◆ Task to carry out ◆
From the data that follows, print exactly the lines starting at the one containing "#373 = CARTESIAN_POINT" and ending at the one containing "#668 = VERTEX_POINT ( 'NONE', #564 ) ;"; include both of them and nothing more.

◆ Excerpts from a dataset ◆
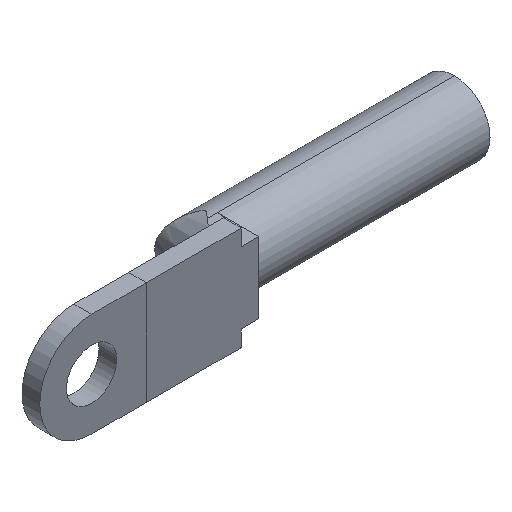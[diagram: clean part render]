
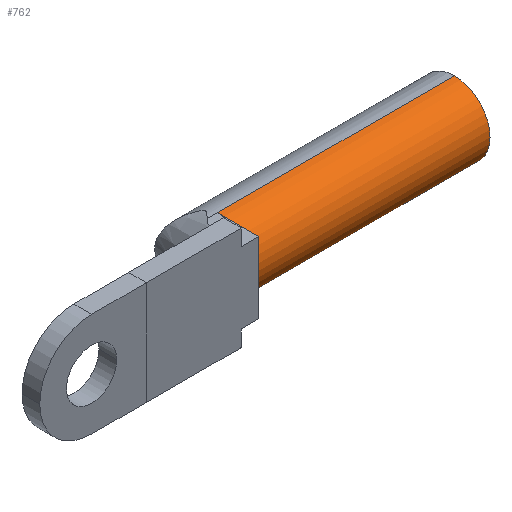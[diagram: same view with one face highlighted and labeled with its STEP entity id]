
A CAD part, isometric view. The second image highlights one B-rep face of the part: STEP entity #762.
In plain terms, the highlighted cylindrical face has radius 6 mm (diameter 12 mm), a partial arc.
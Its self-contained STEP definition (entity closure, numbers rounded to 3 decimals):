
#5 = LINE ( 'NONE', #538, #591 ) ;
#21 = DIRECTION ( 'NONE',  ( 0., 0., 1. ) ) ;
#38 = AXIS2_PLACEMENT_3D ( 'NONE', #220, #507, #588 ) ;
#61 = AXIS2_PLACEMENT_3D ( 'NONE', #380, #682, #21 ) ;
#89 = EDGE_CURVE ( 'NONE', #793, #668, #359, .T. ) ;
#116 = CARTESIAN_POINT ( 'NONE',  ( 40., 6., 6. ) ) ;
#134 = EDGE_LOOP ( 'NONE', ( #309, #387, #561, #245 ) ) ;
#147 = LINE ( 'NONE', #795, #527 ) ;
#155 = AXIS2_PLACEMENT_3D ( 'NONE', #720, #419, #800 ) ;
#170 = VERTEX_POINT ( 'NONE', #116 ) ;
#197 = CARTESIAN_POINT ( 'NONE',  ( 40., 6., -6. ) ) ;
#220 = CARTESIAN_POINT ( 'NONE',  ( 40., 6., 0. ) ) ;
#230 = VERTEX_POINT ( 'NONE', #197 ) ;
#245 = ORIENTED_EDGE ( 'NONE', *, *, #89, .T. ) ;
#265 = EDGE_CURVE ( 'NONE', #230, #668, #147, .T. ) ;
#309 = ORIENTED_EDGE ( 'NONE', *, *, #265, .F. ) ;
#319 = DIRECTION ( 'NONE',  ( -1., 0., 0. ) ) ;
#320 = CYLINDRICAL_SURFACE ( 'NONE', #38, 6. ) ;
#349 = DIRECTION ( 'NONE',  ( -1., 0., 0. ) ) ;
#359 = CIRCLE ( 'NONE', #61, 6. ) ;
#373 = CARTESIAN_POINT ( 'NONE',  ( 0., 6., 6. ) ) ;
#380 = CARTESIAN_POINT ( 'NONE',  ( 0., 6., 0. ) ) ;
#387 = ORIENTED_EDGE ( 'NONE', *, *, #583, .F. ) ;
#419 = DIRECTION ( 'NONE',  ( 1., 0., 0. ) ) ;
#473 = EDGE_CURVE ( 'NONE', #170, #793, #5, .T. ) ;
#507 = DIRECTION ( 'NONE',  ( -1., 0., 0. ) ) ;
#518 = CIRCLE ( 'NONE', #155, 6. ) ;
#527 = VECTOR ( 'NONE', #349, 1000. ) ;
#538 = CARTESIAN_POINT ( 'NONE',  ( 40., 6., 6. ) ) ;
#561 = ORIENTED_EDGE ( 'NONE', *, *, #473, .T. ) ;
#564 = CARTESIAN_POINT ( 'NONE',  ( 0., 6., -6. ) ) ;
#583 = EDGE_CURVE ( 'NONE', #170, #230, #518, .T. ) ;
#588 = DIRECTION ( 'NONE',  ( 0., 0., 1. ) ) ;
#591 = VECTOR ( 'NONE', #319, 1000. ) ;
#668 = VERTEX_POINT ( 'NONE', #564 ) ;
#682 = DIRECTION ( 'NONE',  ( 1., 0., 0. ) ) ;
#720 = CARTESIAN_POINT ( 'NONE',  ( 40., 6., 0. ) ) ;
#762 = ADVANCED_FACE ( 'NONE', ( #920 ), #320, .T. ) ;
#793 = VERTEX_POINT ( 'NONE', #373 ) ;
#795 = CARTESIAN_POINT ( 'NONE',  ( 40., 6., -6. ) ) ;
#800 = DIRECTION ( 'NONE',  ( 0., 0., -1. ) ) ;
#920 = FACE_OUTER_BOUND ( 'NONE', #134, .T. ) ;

◆ Answer below ◆
#373 = CARTESIAN_POINT ( 'NONE',  ( 0., 6., 6. ) ) ;
#380 = CARTESIAN_POINT ( 'NONE',  ( 0., 6., 0. ) ) ;
#387 = ORIENTED_EDGE ( 'NONE', *, *, #583, .F. ) ;
#419 = DIRECTION ( 'NONE',  ( 1., 0., 0. ) ) ;
#473 = EDGE_CURVE ( 'NONE', #170, #793, #5, .T. ) ;
#507 = DIRECTION ( 'NONE',  ( -1., 0., 0. ) ) ;
#518 = CIRCLE ( 'NONE', #155, 6. ) ;
#527 = VECTOR ( 'NONE', #349, 1000. ) ;
#538 = CARTESIAN_POINT ( 'NONE',  ( 40., 6., 6. ) ) ;
#561 = ORIENTED_EDGE ( 'NONE', *, *, #473, .T. ) ;
#564 = CARTESIAN_POINT ( 'NONE',  ( 0., 6., -6. ) ) ;
#583 = EDGE_CURVE ( 'NONE', #170, #230, #518, .T. ) ;
#588 = DIRECTION ( 'NONE',  ( 0., 0., 1. ) ) ;
#591 = VECTOR ( 'NONE', #319, 1000. ) ;
#668 = VERTEX_POINT ( 'NONE', #564 ) ;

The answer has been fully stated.